■ **Data provided**
++++
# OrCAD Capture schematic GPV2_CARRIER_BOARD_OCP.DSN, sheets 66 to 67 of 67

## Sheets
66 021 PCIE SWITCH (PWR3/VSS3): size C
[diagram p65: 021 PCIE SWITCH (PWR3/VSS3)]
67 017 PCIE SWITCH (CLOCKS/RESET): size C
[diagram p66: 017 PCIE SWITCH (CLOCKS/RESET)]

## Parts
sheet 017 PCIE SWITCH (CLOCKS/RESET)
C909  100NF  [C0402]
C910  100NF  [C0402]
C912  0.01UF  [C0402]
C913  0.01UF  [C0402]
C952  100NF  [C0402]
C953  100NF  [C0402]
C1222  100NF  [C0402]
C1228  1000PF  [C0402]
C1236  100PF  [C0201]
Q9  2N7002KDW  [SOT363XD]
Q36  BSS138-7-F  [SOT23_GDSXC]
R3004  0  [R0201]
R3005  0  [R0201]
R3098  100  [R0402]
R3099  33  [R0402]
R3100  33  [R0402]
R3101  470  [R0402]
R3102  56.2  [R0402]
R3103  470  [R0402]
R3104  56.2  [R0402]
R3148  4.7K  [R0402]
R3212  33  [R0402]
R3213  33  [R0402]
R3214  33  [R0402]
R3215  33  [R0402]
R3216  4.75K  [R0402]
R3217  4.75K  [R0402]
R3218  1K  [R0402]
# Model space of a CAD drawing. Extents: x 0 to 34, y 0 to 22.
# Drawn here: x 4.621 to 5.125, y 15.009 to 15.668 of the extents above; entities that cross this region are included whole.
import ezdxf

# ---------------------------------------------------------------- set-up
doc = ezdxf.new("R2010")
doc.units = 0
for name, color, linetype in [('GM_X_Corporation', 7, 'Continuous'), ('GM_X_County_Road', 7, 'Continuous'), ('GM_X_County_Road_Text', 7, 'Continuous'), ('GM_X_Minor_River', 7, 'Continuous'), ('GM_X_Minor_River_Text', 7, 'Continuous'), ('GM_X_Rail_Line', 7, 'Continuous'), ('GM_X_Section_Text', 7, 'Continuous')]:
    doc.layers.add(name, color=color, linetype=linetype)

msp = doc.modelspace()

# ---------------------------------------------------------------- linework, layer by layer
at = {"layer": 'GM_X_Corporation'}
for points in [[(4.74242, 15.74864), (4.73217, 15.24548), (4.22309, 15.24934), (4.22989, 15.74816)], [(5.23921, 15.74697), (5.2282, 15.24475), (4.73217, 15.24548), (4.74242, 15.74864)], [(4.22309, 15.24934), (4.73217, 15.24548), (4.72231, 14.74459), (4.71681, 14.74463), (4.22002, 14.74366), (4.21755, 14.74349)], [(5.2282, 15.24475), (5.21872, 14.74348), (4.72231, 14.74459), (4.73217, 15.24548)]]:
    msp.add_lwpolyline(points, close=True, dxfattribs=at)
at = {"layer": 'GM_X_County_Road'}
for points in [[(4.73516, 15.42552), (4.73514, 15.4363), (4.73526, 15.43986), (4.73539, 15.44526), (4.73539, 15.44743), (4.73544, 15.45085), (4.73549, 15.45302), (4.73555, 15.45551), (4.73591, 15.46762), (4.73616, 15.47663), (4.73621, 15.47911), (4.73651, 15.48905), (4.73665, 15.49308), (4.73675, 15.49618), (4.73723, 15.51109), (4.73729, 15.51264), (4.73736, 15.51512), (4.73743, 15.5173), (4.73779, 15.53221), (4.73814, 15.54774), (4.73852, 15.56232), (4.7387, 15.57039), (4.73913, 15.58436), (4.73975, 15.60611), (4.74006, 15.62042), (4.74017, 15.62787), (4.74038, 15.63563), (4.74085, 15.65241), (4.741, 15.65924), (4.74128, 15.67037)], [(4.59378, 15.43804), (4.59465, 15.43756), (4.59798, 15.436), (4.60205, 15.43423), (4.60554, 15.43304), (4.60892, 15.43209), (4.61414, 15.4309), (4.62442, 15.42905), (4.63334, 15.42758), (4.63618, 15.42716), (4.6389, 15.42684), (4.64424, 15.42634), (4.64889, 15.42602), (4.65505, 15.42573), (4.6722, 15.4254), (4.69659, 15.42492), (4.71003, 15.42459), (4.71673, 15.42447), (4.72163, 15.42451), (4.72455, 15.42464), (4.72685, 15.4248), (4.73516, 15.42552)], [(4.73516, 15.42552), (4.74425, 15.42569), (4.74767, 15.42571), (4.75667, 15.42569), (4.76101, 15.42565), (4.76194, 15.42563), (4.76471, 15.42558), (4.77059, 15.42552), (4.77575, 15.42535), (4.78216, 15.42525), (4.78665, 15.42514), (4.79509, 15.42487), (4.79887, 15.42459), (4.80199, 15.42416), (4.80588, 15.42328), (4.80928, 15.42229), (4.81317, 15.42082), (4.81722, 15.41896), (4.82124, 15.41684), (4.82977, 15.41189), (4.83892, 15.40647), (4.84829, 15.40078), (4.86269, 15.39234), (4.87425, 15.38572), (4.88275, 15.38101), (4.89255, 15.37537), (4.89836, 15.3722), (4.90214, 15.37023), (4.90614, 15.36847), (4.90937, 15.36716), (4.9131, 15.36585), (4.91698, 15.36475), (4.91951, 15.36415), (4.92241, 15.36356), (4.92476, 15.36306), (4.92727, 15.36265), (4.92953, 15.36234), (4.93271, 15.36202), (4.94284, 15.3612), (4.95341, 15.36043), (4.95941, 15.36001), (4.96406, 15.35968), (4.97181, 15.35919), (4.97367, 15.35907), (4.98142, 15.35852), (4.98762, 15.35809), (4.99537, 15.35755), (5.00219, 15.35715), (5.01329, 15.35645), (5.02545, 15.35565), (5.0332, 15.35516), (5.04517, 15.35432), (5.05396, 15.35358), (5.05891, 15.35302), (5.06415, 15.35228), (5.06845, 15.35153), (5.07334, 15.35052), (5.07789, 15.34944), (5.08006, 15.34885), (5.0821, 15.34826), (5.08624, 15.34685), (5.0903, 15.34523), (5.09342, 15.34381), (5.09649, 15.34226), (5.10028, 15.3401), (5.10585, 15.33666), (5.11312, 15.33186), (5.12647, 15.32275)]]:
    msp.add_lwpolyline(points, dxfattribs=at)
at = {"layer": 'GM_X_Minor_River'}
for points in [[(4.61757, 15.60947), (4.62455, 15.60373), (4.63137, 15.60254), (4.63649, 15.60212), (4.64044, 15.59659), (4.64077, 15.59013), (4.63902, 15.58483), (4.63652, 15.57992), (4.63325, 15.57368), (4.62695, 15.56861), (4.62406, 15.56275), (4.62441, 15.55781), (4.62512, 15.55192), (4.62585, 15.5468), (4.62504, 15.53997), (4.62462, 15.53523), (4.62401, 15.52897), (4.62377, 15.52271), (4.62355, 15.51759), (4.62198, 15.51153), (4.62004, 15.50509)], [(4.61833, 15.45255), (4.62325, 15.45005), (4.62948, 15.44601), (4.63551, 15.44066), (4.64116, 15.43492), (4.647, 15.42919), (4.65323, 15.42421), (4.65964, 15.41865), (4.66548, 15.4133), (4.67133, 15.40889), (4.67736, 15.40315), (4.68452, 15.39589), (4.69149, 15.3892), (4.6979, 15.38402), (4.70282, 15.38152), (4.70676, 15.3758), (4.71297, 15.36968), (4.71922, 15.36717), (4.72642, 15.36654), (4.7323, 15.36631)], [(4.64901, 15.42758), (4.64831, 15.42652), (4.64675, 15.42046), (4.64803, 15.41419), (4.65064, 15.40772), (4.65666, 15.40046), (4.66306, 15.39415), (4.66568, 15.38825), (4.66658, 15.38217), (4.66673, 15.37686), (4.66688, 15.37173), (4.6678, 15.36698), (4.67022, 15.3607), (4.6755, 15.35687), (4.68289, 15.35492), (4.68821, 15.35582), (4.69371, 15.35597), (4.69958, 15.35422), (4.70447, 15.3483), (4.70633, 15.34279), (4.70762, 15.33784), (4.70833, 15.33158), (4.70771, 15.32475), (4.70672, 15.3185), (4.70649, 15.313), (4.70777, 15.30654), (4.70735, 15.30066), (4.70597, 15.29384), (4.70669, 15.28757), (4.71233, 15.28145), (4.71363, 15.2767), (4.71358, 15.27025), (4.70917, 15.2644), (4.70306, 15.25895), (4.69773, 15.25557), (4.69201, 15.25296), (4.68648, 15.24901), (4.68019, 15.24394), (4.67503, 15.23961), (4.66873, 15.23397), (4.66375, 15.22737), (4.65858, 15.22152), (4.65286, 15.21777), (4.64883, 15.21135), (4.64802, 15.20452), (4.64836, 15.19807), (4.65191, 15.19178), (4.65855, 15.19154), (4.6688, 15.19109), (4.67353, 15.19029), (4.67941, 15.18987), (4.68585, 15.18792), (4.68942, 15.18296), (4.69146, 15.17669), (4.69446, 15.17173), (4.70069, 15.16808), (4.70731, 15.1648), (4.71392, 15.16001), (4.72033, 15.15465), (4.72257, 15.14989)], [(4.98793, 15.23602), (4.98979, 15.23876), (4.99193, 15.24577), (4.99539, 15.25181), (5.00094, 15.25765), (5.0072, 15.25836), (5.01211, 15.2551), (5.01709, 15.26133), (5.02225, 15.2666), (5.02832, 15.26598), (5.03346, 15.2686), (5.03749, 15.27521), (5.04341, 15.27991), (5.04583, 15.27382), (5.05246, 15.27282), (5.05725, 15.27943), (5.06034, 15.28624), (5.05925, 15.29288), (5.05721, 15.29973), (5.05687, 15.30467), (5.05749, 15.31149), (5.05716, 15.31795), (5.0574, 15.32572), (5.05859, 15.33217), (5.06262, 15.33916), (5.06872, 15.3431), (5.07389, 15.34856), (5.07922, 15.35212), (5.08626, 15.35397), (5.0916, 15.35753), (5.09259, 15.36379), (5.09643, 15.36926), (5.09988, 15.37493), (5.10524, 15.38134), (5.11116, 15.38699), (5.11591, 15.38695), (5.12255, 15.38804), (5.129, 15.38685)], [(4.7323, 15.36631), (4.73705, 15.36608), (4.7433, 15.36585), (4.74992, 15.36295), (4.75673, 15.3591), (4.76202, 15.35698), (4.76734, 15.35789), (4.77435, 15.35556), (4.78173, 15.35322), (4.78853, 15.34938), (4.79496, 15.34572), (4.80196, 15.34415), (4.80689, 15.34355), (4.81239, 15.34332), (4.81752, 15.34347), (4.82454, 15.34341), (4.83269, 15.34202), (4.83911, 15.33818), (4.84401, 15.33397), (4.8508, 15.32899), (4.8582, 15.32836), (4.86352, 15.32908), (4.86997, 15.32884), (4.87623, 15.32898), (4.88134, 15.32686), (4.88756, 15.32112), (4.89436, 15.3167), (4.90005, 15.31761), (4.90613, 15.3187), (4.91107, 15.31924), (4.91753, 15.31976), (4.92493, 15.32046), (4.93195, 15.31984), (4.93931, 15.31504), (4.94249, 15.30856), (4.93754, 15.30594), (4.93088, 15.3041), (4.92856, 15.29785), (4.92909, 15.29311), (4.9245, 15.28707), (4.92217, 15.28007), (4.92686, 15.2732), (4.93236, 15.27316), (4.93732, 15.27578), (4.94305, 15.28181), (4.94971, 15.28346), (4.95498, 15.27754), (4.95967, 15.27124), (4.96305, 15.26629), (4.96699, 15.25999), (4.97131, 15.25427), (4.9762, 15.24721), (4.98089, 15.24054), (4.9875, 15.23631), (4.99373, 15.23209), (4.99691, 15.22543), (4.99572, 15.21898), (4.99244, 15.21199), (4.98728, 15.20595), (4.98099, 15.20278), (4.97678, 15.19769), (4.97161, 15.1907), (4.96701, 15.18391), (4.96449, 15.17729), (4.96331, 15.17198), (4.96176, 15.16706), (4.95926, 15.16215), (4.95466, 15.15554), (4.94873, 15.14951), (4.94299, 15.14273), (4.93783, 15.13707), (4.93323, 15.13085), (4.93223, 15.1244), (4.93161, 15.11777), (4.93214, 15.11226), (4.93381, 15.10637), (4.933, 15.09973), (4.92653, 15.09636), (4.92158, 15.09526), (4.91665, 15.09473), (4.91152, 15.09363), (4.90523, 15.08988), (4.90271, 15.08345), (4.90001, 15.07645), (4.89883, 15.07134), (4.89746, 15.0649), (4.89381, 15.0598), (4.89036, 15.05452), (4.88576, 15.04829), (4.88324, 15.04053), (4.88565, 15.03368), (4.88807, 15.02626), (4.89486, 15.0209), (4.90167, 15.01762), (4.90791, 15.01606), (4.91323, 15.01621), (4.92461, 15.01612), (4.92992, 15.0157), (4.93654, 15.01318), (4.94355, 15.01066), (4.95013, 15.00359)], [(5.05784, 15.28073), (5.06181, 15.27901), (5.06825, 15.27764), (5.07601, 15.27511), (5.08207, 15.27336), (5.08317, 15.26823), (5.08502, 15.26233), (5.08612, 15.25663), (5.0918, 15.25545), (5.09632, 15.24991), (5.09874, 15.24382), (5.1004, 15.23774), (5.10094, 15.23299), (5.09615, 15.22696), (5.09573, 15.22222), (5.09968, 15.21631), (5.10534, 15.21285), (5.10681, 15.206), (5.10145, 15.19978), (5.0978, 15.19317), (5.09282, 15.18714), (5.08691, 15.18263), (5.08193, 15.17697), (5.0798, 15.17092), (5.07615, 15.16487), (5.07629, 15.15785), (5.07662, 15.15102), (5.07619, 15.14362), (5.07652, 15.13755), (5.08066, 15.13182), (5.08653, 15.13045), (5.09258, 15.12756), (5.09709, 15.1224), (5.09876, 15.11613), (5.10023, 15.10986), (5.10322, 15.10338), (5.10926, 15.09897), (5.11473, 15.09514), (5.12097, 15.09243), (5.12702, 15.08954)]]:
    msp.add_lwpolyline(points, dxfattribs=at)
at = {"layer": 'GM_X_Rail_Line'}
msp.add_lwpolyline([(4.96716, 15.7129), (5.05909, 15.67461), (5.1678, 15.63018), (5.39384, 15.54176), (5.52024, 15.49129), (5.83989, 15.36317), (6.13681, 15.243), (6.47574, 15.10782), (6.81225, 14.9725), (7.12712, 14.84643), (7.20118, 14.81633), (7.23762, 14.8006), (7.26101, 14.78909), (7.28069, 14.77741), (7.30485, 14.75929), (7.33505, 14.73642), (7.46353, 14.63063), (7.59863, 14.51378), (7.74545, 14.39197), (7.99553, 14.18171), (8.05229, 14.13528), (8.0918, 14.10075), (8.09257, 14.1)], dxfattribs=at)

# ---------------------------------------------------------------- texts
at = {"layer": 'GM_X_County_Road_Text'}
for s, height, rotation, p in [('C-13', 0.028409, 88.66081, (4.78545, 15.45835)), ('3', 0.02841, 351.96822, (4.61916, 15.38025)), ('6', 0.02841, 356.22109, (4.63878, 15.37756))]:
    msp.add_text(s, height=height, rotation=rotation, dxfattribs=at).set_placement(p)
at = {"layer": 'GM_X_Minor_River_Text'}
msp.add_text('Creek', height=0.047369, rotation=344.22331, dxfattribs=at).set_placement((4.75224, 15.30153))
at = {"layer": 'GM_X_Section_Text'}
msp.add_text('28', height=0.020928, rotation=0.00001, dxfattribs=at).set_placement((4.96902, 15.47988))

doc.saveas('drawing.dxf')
++++
■ **Problem requirements**
Look above for the line with "# Model space" and the line with "for name, color, linetype". Retype those two lines and every line between them exactly, adding nothing.

■ **Exercise answer**
# Model space of a CAD drawing. Extents: x 0 to 34, y 0 to 22.
# Drawn here: x 4.621 to 5.125, y 15.009 to 15.668 of the extents above; entities that cross this region are included whole.
import ezdxf

# ---------------------------------------------------------------- set-up
doc = ezdxf.new("R2010")
doc.units = 0
for name, color, linetype in [('GM_X_Corporation', 7, 'Continuous'), ('GM_X_County_Road', 7, 'Continuous'), ('GM_X_County_Road_Text', 7, 'Continuous'), ('GM_X_Minor_River', 7, 'Continuous'), ('GM_X_Minor_River_Text', 7, 'Continuous'), ('GM_X_Rail_Line', 7, 'Continuous'), ('GM_X_Section_Text', 7, 'Continuous')]:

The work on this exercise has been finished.